As the planet’s coral reefs vanish, the race is on to rescue and restore what remains.
Colorful soft corals (above) provide food and shelter for a school of Diana’s hogfish on a productive and diverse reef in Egypt’s Red Sea. A hermit crab (below) peers out from hump coral in the Solomon Islands. (Photo above by Birgitte Wilms/Minden Pictures)
SWARMING WITH COLORFUL LIFE-FORMS that can dazzle the eyes and overwhelm the senses, the coral reefs of Palau are home to some 700 coral species and 1,400 species of fish. “You find yourself surrounded by fish of all varieties going every which way, ducking in and out of the corals in an ebb and flow of life that is incredible to watch,” says Stephen Palumbi, a marine biologist at Stanford University who has spent eight years studying and diving amidst the reefs of this Pacific island nation.
Such species richness, along with their massive structures and kaleidoscopic colors, have earned coral reefs the nickname “tropical rainforests of the sea.” Limited primarily to a band of shallow tropical and subtropical waters straddling the equator, coral reefs are found in the continental United States only off the coast of Florida, where the 360-mile-long Florida Reef Tract makes up the third largest coral barrier reef system on Earth. Some divers still recall exploring those reefs many decades ago and experiencing a sense of wonder not unlike Palumbi’s.
But that is no longer possible. Like many of the planet’s reefs, Florida’s have long been in decline due to human activities. According to Erinn Muller, coral restoration program manager for Mote Marine Laboratory, new results from long-term monitoring estimate that only about 2 percent of Florida’s total coral cover remains.
Now a mysterious waterborne illness dubbed stony coral tissue loss disease is rapidly spreading through the reefs, with nearly half of the tract’s 45 coral species susceptible. “The speed at which it travels is scary,” says National Oceanic and Atmospheric Administration (NOAA) marine biologist Jennifer Moore. Once infected, coral colonies usually die within weeks or months, she adds.
Facing potential disaster, Moore and other federal and Florida state officials recently launched the largest coral rescue effort ever undertaken. The goal is to collect up to 4,400 specimens from vulnerable coral species so they can be stored on land to protect their genetic diversity, then propagated in tanks so their offspring can be returned to the ocean. “This has never been done before on such a large scale,” Moore says of the roughly $14 million project. Currently in its third year, the effort is highlighting the hope that advances in coral rescue, research and restoration can help ailing reefs—as well as the grim outlook for those reefs due to mounting threats.
Related to jellyfish and sea anemones, reef-building corals are a natural wonder of symbiosis—part animal, part plant, part mineral. Coral polyps are tiny carnivorous animals whose bodies shelter photosynthetic algae, called zooxanthellae, that provide the polyps with energy from the sun in exchange for carbon dioxide and shelter. Polyps produce a skeleton of calcium carbonate, or limestone, to protect their soft bodies. Over time, the polyps replicate themselves through asexual reproduction, producing genetically distinct colonies that aggregate into reefs.
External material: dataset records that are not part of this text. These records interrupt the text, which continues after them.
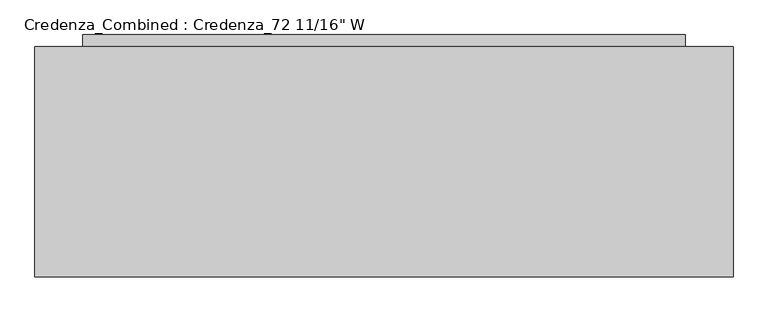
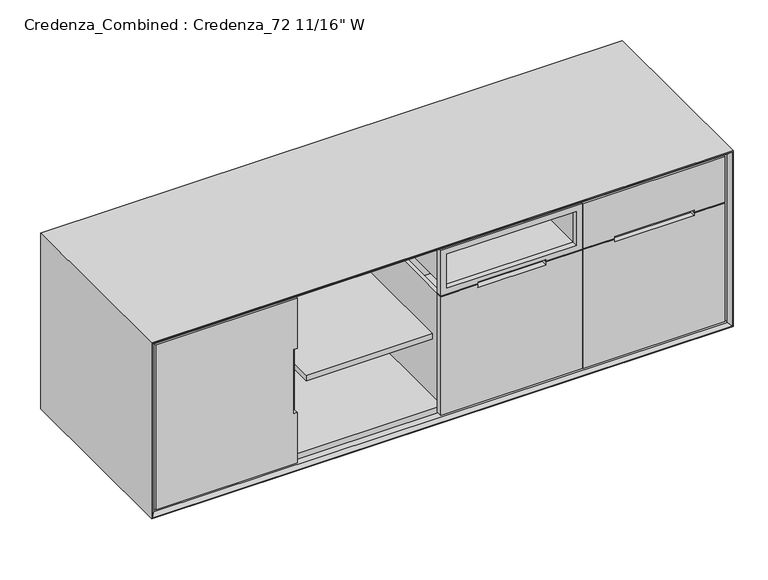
"""IFC4 building model written with IfcOpenShell, lengths in millimetres: furniture geometry."""

from ifc_helpers import new_model, si_unit, frame, origin, origin_with_axes, place, context, project, spatial, polyline, outline, extrude, faceted_brep, source, transform, mapped, element, save


def furniture_91a3ec11(model_context):
    return source(origin(), model_context, "Body", "SolidModel", [
        faceted_brep([(1750.3457407, 93.4200979, 124.61875), (1750.3457407, 244.7174021, 124.61875), (1451.6417593, 244.7174021, 124.61875), (1451.6417593, 93.4200979, 124.61875), (1756.3716657, 250.7433271, 118.26875), (1756.3716657, 87.3941729, 118.26875), (1445.6158343, 87.3941729, 118.26875), (1445.6158343, 250.7433271, 118.26875), (1788.9970885, 283.36875, 492.91875), (1788.9970885, 283.36875, 499.26875), (1788.9970885, 54.76875, 499.26875), (1788.9970885, 54.76875, 492.91875), (1776.2970885, 270.66875, 492.91875), (1776.2970885, 67.46875, 492.91875), (1770.2711635, 264.642825, 499.26875), (1770.2711635, 73.494675, 499.26875), (1412.9904115, 54.76875, 499.26875), (1412.9904115, 54.76875, 492.91875), (1425.6904115, 67.46875, 492.91875), (1431.7163365, 73.494675, 499.26875), (1412.9904115, 283.36875, 499.26875), (1412.9904115, 283.36875, 492.91875), (1425.6904115, 270.66875, 492.91875), (1431.7163365, 264.642825, 499.26875)], [[[0, 1, 2, 3]], [[4, 5, 6, 7]], [[8, 9, 10, 11]], [[4, 12, 13, 5]], [[14, 1, 0, 15]], [[11, 10, 16, 17]], [[5, 13, 18, 6]], [[15, 0, 3, 19]], [[17, 16, 20, 21]], [[6, 18, 22, 7]], [[19, 3, 2, 23]], [[9, 8, 21, 20]], [[8, 11, 17, 21], [13, 12, 22, 18]], [[12, 4, 7, 22]], [[1, 14, 23, 2]], [[10, 9, 20, 16], [14, 15, 19, 23]]]),
        faceted_brep([(1750.3457407, 383.9325979, 124.61875), (1750.3457407, 535.2299021, 124.61875), (1451.6417593, 535.2299021, 124.61875), (1451.6417593, 383.9325979, 124.61875), (1756.3716657, 541.2558271, 118.26875), (1756.3716657, 377.9066729, 118.26875), (1445.6158343, 377.9066729, 118.26875), (1445.6158343, 541.2558271, 118.26875), (1788.9970885, 573.88125, 492.91875), (1788.9970885, 573.88125, 499.26875), (1788.9970885, 345.28125, 499.26875), (1788.9970885, 345.28125, 492.91875), (1776.2970885, 561.18125, 492.91875), (1776.2970885, 357.98125, 492.91875), (1770.2711635, 555.155325, 499.26875), (1770.2711635, 364.007175, 499.26875), (1412.9904115, 345.28125, 499.26875), (1412.9904115, 345.28125, 492.91875), (1425.6904115, 357.98125, 492.91875), (1431.7163365, 364.007175, 499.26875), (1412.9904115, 573.88125, 499.26875), (1412.9904115, 573.88125, 492.91875), (1425.6904115, 561.18125, 492.91875), (1431.7163365, 555.155325, 499.26875)], [[[0, 1, 2, 3]], [[4, 5, 6, 7]], [[8, 9, 10, 11]], [[4, 12, 13, 5]], [[14, 1, 0, 15]], [[11, 10, 16, 17]], [[5, 13, 18, 6]], [[15, 0, 3, 19]], [[17, 16, 20, 21]], [[6, 18, 22, 7]], [[19, 3, 2, 23]], [[9, 8, 21, 20]], [[8, 11, 17, 21], [13, 12, 22, 18]], [[12, 4, 7, 22]], [[1, 14, 23, 2]], [[10, 9, 20, 16], [14, 15, 19, 23]]]),
        extrude(outline(polyline([(1793.875, 319.0875), (1793.875, 300.0375), (1406.525, 300.0375), (1406.525, 319.0875), (1793.875, 319.0875)])), frame((0.0, 0.0, 118.26875), z_axis=(0.0, 0.0, 1.0), x_axis=(1.0, 0.0, 0.0)), (0.0, 0.0, 1.0), 360.3625),
        faceted_brep([(1808.1625, 609.6, 478.63125), (1393.825, 609.6, 478.63125), (1393.825, 28.575, 478.63125), (1808.1625, 28.575, 478.63125), (1406.525, 596.9, 478.63125), (1793.875, 596.9, 478.63125), (1793.875, 41.275, 478.63125), (1406.525, 41.275, 478.63125), (1808.1625, 609.6, 105.56875), (1393.825, 609.6, 105.56875), (1393.825, 28.575, 105.56875), (1808.1625, 28.575, 105.56875), (1406.525, 596.9, 118.26875), (1793.875, 596.9, 118.26875), (1793.875, 41.275, 118.26875), (1406.525, 41.275, 118.26875)], [[[0, 1, 2, 3], [4, 5, 6, 7]], [[1, 0, 8, 9]], [[2, 1, 9, 10]], [[3, 2, 10, 11]], [[8, 0, 3, 11]], [[5, 4, 12, 13]], [[6, 5, 13, 14]], [[7, 6, 14, 15]], [[4, 7, 15, 12]], [[13, 12, 15, 14]], [[8, 11, 10, 9]]]),
        extrude(outline(polyline([(504.03125, 1376.3625), (105.56875, 1376.3625), (105.56875, 1825.625), (504.03125, 1825.625), (504.03125, 1727.99375), (494.7030946, 1727.99375), (494.7030946, 1473.99375), (504.03125, 1473.99375), (504.03125, 1376.3625)])), frame((0.0, 9.525, 0.0), z_axis=(0.0, 1.0, 0.0), x_axis=(0.0, 0.0, 1.0)), (0.0, 0.0, 1.0), 19.05),
        extrude(outline(polyline([(659.60625, 1825.625), (659.60625, 1376.3625), (507.20625, 1376.3625), (507.20625, 1473.99375), (513.3594054, 1473.99375), (513.3594054, 1727.99375), (507.20625, 1727.99375), (507.20625, 1825.625), (659.60625, 1825.625)])), frame((0.0, 9.525, 0.0), z_axis=(0.0, 1.0, 0.0), x_axis=(0.0, 0.0, 1.0)), (0.0, 0.0, 1.0), 19.05),
        extrude(outline(polyline([(1355.725, 609.6), (1355.725, 28.575), (941.3875, 28.575), (941.3875, 609.6), (1355.725, 609.6)]), holes=[polyline([(954.0875, 596.9), (954.0875, 41.275), (1341.4375, 41.275), (1341.4375, 596.9), (954.0875, 596.9)])]), frame((0.0, 0.0, 118.26875), z_axis=(0.0, 0.0, 1.0), x_axis=(1.0, 0.0, 0.0)), (0.0, 0.0, 1.0), 360.3625),
        extrude(outline(polyline([(642.14375, 1355.725), (642.14375, 941.3875), (524.66875, 941.3875), (524.66875, 1355.725), (642.14375, 1355.725)]), holes=[polyline([(640.55625, 1354.1375), (526.25625, 1354.1375), (526.25625, 942.975), (640.55625, 942.975), (640.55625, 1354.1375)])]), frame((0.0, 28.575, 0.0), z_axis=(0.0, 1.0, 0.0), x_axis=(0.0, 0.0, 1.0)), (0.0, 0.0, 1.0), 581.025),
        extrude(outline(polyline([(504.03125, 923.925), (105.56875, 923.925), (105.56875, 1373.1875), (504.03125, 1373.1875), (504.03125, 1256.50625), (494.7030946, 1256.50625), (494.7030946, 1040.60625), (504.03125, 1040.60625), (504.03125, 923.925)])), frame((0.0, 9.525, 0.0), z_axis=(0.0, 1.0, 0.0), x_axis=(0.0, 0.0, 1.0)), (0.0, 0.0, 1.0), 19.05),
        extrude(outline(polyline([(659.60625, 1373.1875), (659.60625, 923.925), (507.20625, 923.925), (507.20625, 1040.60625), (513.3594054, 1040.60625), (513.3594054, 1256.50625), (507.20625, 1256.50625), (507.20625, 1373.1875), (659.60625, 1373.1875)]), holes=[polyline([(640.55625, 942.975), (640.55625, 1354.1375), (526.25625, 1354.1375), (526.25625, 942.975), (640.55625, 942.975)])]), frame((0.0, 9.525, 0.0), z_axis=(0.0, 1.0, 0.0), x_axis=(0.0, 0.0, 1.0)), (0.0, 0.0, 1.0), 19.05),
        extrude(outline(polyline([(896.14375, 609.6), (896.14375, 9.525), (496.09375, 9.525), (496.09375, 609.6), (896.14375, 609.6)])), frame((0.0, 0.0, 371.475), z_axis=(0.0, 0.0, 1.0), x_axis=(1.0, 0.0, 0.0)), (0.0, 0.0, 1.0), 19.05),
        extrude(outline(polyline([(1719.2625, 609.6), (1719.2625, 241.3), (127.0, 241.3), (127.0, 609.6), (1719.2625, 609.6)])), origin_with_axes(), (0.0, 0.0, 1.0), 87.3125),
        extrude(outline(polyline([(1719.2625, 641.35), (1719.2625, 609.6), (127.0, 609.6), (127.0, 641.35), (1719.2625, 641.35)])), origin_with_axes(), (0.0, 0.0, 1.0), 647.7),
        extrude(outline(polyline([(665.1625, 1833.5625), (665.1625, 12.7), (100.0125, 12.7), (100.0125, 1833.5625), (665.1625, 1833.5625)]), holes=[polyline([(646.1125, 31.75), (646.1125, 1814.5125), (119.0625, 1814.5125), (119.0625, 31.75), (646.1125, 31.75)])]), frame((0.0, 31.75, 0.0), z_axis=(0.0, 1.0, 0.0), x_axis=(0.0, 0.0, 1.0)), (0.0, 0.0, 1.0), 577.85),
        faceted_brep([(1833.5625, 9.525, 665.1625), (1833.5625, 609.6, 665.1625), (1833.5625, 609.6, 100.0125), (1833.5625, 9.525, 100.0125), (1843.0875, 0.0, 674.6875), (1843.0875, 0.0, 90.4875), (1846.2625, 609.6, 677.8625), (1846.2625, 0.0, 677.8625), (1846.2625, 0.0, 87.3125), (1846.2625, 609.6, 87.3125), (12.7, 609.6, 100.0125), (12.7, 9.525, 100.0125), (3.175, 0.0, 90.4875), (0.0, 0.0, 87.3125), (0.0, 609.6, 87.3125), (12.7, 609.6, 665.1625), (12.7, 9.525, 665.1625), (3.175, 0.0, 674.6875), (0.0, 0.0, 677.8625), (0.0, 609.6, 677.8625)], [[[0, 1, 2, 3]], [[4, 0, 3, 5]], [[6, 7, 8, 9]], [[3, 2, 10, 11]], [[5, 3, 11, 12]], [[9, 8, 13, 14]], [[11, 10, 15, 16]], [[12, 11, 16, 17]], [[14, 13, 18, 19]], [[9, 14, 19, 6], [1, 15, 10, 2]], [[16, 15, 1, 0]], [[17, 16, 0, 4]], [[7, 18, 13, 8], [5, 12, 17, 4]], [[19, 18, 7, 6]]]),
        faceted_brep([(468.3125, 28.575, 659.60625), (19.05, 28.575, 659.60625), (19.05, 9.525, 659.60625), (468.3125, 9.525, 659.60625), (468.3125, 28.575, 105.56875), (468.3125, 9.525, 105.56875), (19.05, 9.525, 105.56875), (19.05, 28.575, 105.56875), (468.3125, 9.525, 274.6375), (455.6125, 9.525, 274.6375), (455.6125, 9.525, 490.5375), (468.3125, 9.525, 490.5375), (468.3125, 25.4, 490.5375), (468.3125, 25.4, 274.6375), (455.6125, 25.4, 490.5375), (455.6125, 25.4, 274.6375)], [[[0, 1, 2, 3]], [[4, 5, 6, 7]], [[1, 0, 4, 7]], [[2, 1, 7, 6]], [[3, 2, 6, 5, 8, 9, 10, 11]], [[0, 3, 11, 12, 13, 8, 5, 4]], [[12, 14, 15, 13]], [[14, 12, 11, 10]], [[15, 14, 10, 9]], [[13, 15, 9, 8]]]),
        extrude(outline(polyline([(468.3125, 609.6), (468.3125, 28.575), (19.05, 28.575), (19.05, 609.6), (468.3125, 609.6)])), frame((0.0, 0.0, 382.5875), z_axis=(0.0, 0.0, 1.0), x_axis=(1.0, 0.0, 0.0)), (0.0, 0.0, 1.0), 19.05),
    ])


if __name__ == "__main__":
    model = new_model("IFC4")
    model_context = context("Model", 3, world=origin())
    ifc_project = project(units=[si_unit("LENGTHUNIT", "METRE", prefix="MILLI")], contexts=[model_context])
    site = spatial("IfcSite", under=ifc_project)
    building = spatial("IfcBuilding", under=site)
    placement = place(None, origin())
    furniture_shape = furniture_91a3ec11(model_context)
    element("IfcFurniture", 1, ObjectType="Credenza_Combined : Credenza_72 11/16\" W", at=placement, inside=building, context=model_context, shape_type="MappedRepresentation", body=[
        mapped(furniture_shape, transform((0.0, 0.0, 0.0), x_axis=(1.0, 0.0, 0.0), y_axis=(0.0, 1.0, 0.0), z_axis=(0.0, 0.0, 1.0))),
    ])
    save(model, "model.ifc")

If the world’s seas have a womb, it is these coral reefs—the most biodiverse of all ocean ecosystems. About a quarter of marine species depend on coral reefs for food or shelter. Just as high-rise buildings and cities create more habitat for humans to live in dense populations, reefs form dynamic structures that provide niches for many life-forms. This diversity of life creates a food web where plankton and algae are consumed by mollusks and herbivorous fish, which are then eaten by successively larger fish up to sharks, barracuda and other apex predators—including humans. Beyond providing fish for human consumption, reefs protect coastal communities from storm surges and support valuable recreation and tourism industries. NOAA estimates that Florida’s reefs alone generate $4.4 billion in local sales, $2 billion in local income and 70,400 jobs, primarily through tourism and fishing.
Scientists believe that today’s reef-building corals originated approximately 250 million years ago, and they have survived four mass extinctions. Absent outside forces, “they are essentially immortal,” Palumbi says. “We know of no corals that have died of old age.”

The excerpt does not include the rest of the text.